Similarly to the optical case, we are presenting in Figure 5 the whole evolution of the resonance location for a TnP with a complete twist angle (360 deg.). As already indicated in Figure 4, we can see that the lowest energy resonances for the untwisted geometry (inset (c) of Figure 4) appear for 4.6 GHz and 5.5 GHz and evolve towards lower energies as the twist angle increases. One relevant aspect that can be extracted from this figure is that, although the resonances always evolve towards a lower energy value, there is a change in the trend. Initially, the frequency decreases roughly as 1/L as expected to fit with the increase of helix lenght (see Equation 2). However, this trend changes at $\alpha \sim 120$ deg.. To shed some light into the change in slope, we refer to the features depicted in the insets (a) and (b) in Figure 5, showing the geometry for twist angles of 360 degrees and 120 degrees respectively. If the structure were made by a single, isolated lobe, at one full loop ($\alpha$=360 deg.) the height of the TnP would match the pitch of the helix, and that would be the first occasion in which one lobe in the base would have another one exactly above. However, our structure is made of three lobes, and Figure 5a, resembles a much more twisted structure, not surprisingly it appears to have three twists. In fact, as seen in Figure 5b, it is at one third of a twist ($\alpha =120$ deg.) when a lobe of the base have another one above. It is then when two effects compete: the resonance trend to decrease in energy due to the growth of L against the resistance due to the upper and lower branches of the TnP.

Eventually, for a very twisted geometry, the resonance should converge to that of a disk shape with a twisted void geometry inside, so compressed that the variation of the angle should have a negligible effect.

3. Discussion and Conclusions

Understanding the origin of these optical and acoustic modes is essential to actually use them in optomechanical systems, where the helicity of light can be use as a design parameter.
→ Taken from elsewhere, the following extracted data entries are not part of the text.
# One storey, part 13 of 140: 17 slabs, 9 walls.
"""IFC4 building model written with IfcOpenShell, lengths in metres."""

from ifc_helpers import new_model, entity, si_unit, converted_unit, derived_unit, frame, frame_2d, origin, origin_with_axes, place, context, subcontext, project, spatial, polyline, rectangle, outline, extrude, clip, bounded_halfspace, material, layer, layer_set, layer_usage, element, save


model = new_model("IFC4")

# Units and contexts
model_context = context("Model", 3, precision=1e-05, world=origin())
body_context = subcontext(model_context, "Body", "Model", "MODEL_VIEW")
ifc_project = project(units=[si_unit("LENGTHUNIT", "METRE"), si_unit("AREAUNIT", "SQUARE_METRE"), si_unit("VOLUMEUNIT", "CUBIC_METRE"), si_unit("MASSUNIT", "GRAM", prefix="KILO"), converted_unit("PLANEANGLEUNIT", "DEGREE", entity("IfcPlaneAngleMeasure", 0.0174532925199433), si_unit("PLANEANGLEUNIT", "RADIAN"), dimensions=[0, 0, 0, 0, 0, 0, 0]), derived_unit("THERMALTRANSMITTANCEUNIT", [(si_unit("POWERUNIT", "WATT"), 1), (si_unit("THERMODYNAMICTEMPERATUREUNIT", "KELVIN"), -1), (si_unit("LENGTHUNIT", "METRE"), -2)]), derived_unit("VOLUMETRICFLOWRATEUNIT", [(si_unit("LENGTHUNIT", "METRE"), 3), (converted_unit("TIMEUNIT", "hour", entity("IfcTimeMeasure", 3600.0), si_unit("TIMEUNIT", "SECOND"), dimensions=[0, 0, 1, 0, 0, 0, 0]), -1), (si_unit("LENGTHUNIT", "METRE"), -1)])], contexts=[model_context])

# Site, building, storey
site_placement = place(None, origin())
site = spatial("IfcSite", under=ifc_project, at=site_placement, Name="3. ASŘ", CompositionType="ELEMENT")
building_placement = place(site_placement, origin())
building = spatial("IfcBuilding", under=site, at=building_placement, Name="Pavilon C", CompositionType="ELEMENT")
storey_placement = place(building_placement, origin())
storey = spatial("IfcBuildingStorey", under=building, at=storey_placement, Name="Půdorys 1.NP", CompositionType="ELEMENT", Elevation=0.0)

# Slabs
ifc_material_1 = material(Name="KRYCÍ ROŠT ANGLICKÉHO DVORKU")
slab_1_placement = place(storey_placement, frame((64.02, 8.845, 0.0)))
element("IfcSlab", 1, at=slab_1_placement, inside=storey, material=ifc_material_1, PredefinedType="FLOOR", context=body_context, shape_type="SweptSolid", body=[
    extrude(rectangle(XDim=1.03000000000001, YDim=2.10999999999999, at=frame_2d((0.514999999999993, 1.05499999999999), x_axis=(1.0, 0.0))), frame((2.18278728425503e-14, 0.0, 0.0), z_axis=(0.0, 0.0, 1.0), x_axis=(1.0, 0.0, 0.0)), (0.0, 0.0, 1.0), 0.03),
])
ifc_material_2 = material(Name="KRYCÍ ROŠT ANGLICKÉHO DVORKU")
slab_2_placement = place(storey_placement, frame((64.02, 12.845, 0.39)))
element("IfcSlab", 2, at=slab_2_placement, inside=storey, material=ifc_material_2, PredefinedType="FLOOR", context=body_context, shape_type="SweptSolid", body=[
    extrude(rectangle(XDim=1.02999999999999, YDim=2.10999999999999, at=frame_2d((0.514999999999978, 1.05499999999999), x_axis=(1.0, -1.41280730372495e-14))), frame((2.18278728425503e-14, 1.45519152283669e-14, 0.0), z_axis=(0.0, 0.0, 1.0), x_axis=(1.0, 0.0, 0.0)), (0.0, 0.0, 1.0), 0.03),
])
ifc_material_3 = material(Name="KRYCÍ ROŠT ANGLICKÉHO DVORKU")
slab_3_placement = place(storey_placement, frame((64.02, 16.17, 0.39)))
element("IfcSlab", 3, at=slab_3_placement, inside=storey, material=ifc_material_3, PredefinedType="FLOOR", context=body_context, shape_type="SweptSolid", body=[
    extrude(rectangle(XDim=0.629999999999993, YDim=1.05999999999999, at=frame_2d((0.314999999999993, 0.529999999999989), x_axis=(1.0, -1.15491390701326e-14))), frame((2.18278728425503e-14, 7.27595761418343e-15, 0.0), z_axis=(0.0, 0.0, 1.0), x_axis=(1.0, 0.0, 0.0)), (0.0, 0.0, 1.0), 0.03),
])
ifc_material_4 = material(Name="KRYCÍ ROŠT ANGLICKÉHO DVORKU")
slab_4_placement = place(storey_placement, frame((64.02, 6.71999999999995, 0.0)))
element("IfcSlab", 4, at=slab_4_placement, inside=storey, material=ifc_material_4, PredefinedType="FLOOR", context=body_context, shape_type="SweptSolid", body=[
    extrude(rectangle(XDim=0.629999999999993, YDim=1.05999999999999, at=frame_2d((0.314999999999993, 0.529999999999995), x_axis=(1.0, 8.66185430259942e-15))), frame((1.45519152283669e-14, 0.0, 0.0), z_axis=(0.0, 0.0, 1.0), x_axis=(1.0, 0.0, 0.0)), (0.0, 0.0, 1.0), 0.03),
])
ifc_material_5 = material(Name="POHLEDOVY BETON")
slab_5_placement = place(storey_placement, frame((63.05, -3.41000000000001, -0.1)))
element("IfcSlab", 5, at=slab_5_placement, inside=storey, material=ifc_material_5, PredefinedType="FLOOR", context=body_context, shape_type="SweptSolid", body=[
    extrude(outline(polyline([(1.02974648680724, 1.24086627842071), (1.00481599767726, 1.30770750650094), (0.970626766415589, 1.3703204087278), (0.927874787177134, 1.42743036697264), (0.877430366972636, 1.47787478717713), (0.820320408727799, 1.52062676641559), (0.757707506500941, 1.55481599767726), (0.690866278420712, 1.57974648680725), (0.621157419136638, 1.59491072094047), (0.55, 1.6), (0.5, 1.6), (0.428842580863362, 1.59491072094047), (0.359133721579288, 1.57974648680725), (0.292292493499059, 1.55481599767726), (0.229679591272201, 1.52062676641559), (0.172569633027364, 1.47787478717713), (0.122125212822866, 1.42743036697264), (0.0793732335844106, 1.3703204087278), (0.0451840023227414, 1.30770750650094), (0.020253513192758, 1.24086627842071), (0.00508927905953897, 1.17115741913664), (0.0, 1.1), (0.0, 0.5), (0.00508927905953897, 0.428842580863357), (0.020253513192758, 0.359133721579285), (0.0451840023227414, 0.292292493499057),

Towards that end, in this work we have presented a complete study of the optical and acoustic properties of a three-lobed twisted toroidal nanoscale propeller-like structure. The presence of the twist in the TnP is indicated by a red-shift in both its optical and acoustic resonances. This red-shift occurs because the wavelength couples with the effective length of the generative helix, which varies with the twist angle of the TnP. Consequently, the twist angle acts as a tuning structural parameter that influences the nature, intensity (which depends on helicity), and spectral positions of the optical and acoustic resonances. Additionally, the twist present in the TnP leads to new low frequency resonant acoustic modes that are not present in the spectrum of an equivalent untwisted structure. These new acoustic modes appearing at non-zero twisting angles enable a new knob in the engineering of opto-phononic interactions at the nanoscale.